But then I'll be behind in JS, by like 3 frameworks.
Take your favorite complex query. Write code to accomplish the same thing with raw data in whatever format you consider convenient.

You will be AMAZED at how compact SQL actually is by comparison!

Indeed.

An often overlooked point is that good SQL optimizers generate different versions of queries depending on the current state of the database and the actual parameters to the query. That is, the optimal query plan for finding the sales to "school teachers" is probably different than for "astronauts" and the optimal query plan for reporting on "todays orders" is probably different at the start of the day than late in the afternoon. SQL query planners try to do the right thing with this sort of data variability and generally (but not always!) do a good job. It would take an immense amount of work and insight into the data and all the potential use cases to approach this with custom coded queries.

Before there were relational databases these sorts of access path, query strategy decisions had to be made by developers and were reflected in the schema and physical design of the database. This was inflexible and very labor intensive and it made many kinds of applications and or even routine changes uneconomical.

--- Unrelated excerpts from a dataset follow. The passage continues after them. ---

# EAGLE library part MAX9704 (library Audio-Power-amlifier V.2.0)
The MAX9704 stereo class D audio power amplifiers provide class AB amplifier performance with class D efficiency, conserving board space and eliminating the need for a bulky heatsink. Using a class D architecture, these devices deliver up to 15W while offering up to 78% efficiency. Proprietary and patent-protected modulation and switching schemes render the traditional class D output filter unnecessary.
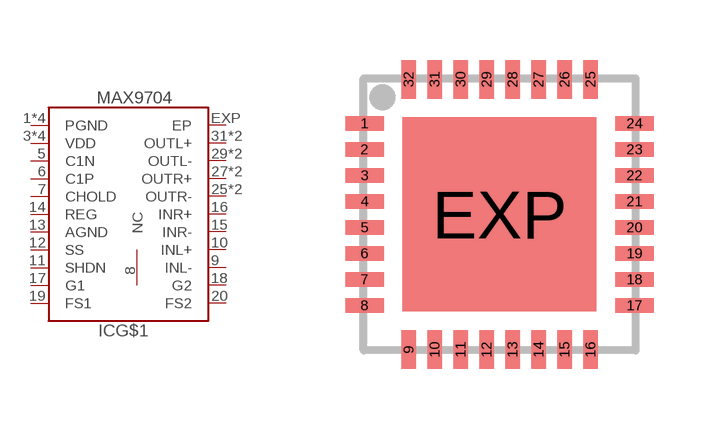
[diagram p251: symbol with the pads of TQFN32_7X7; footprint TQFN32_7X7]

Designator prefix IC; gates G$1=MAX9704 G$2=NC

## MAX9704  [TQFN32_7X7]
1  G$1:PGND  pwr
2  G$1:PGND  pwr
3  G$1:VDD  pwr
4  G$1:VDD  pwr
5  G$1:C1N
6  G$1:C1P
7  G$1:CHOLD
8  G$2:NC  nc
9  G$1:INL-  in
10  G$1:INL+  in
11  G$1:SHDN
12  G$1:SS
13  G$1:AGND  pwr
14  G$1:REG  out
15  G$1:INR-  in
16  G$1:INR+  in
17  G$1:G1  in
18  G$1:G2  in
19  G$1:FS1  in
20  G$1:FS2  in
21  G$1:VDD  pwr
22  G$1:VDD  pwr
23  G$1:PGND  pwr
24  G$1:PGND  pwr
25  G$1:OUTR-  out
26  G$1:OUTR-  out
27  G$1:OUTR+  out
28  G$1:OUTR+  out
29  G$1:OUTL-  out
30  G$1:OUTL-  out
31  G$1:OUTL+  out
32  G$1:OUTL+  out
EXP  G$1:EP  pwr

## Footprint TQFN32_7X7 (pad centres in mm)
TQFN 7x7 mm Source: www.maxim-ic.com/packages .. 90-0125.pdf
smd 0.965 x 0.366: 1 -3.378,2.275; 2 -3.378,1.625; 3 -3.378,0.975; 4 -3.378,0.325; 5 -3.378,-0.325; 6 -3.378,-0.975; 7 -3.378,-1.625; 8 -3.378,-2.275; 17 3.378,-2.275; 18 3.378,-1.625; 19 3.378,-0.975; 20 3.378,-0.325; 21 3.378,0.325; 22 3.378,0.975; 23 3.378,1.625; 24 3.378,2.275
smd 0.366 x 0.965: 9 -2.275,-3.378; 10 -1.625,-3.378; 11 -0.975,-3.378; 12 -0.325,-3.378; 13 0.325,-3.378; 14 0.975,-3.378; 15 1.625,-3.378; 16 2.275,-3.378; 25 2.275,3.378; 26 1.625,3.378; 27 0.975,3.378; 28 0.325,3.378; 29 -0.325,3.378; 30 -0.975,3.378; 31 -1.625,3.378; 32 -2.275,3.378
smd 4.851 x 4.851: EXP 0,0

Oh trust me, I don't overlook that point. I've spent too much time cajoling optimizers into the query plan that I know will work when they think they know better. And I know from painful experience how much more work it is to cajole developers in the same way.

That said, there is little point discussing this subject people who clearly have no experience about how to do what a little bit of SQL does. If you're convinced that manipulating data is easy, you're not going to appreciate that manipulating data efficiently is even more tricky.

The comparison of the code in the article is a little unfair, though. You have to prepare a statement, bind some values to it, and then convert engine-specific data in a loop into your language's representation. Of course DB-modules help with that, but the boilerplate complexity remains.
The boilerplate is manageable. And with the right DB-modules, it practically disappears.

That said, do try to rewrite a moderately complex query without SQL. Pick one with multiple joins, several where conditions, and a group by. You will generally wind up with a fragile program that is many times as big as the equivalent SQL, and is a lot harder to read and maintain.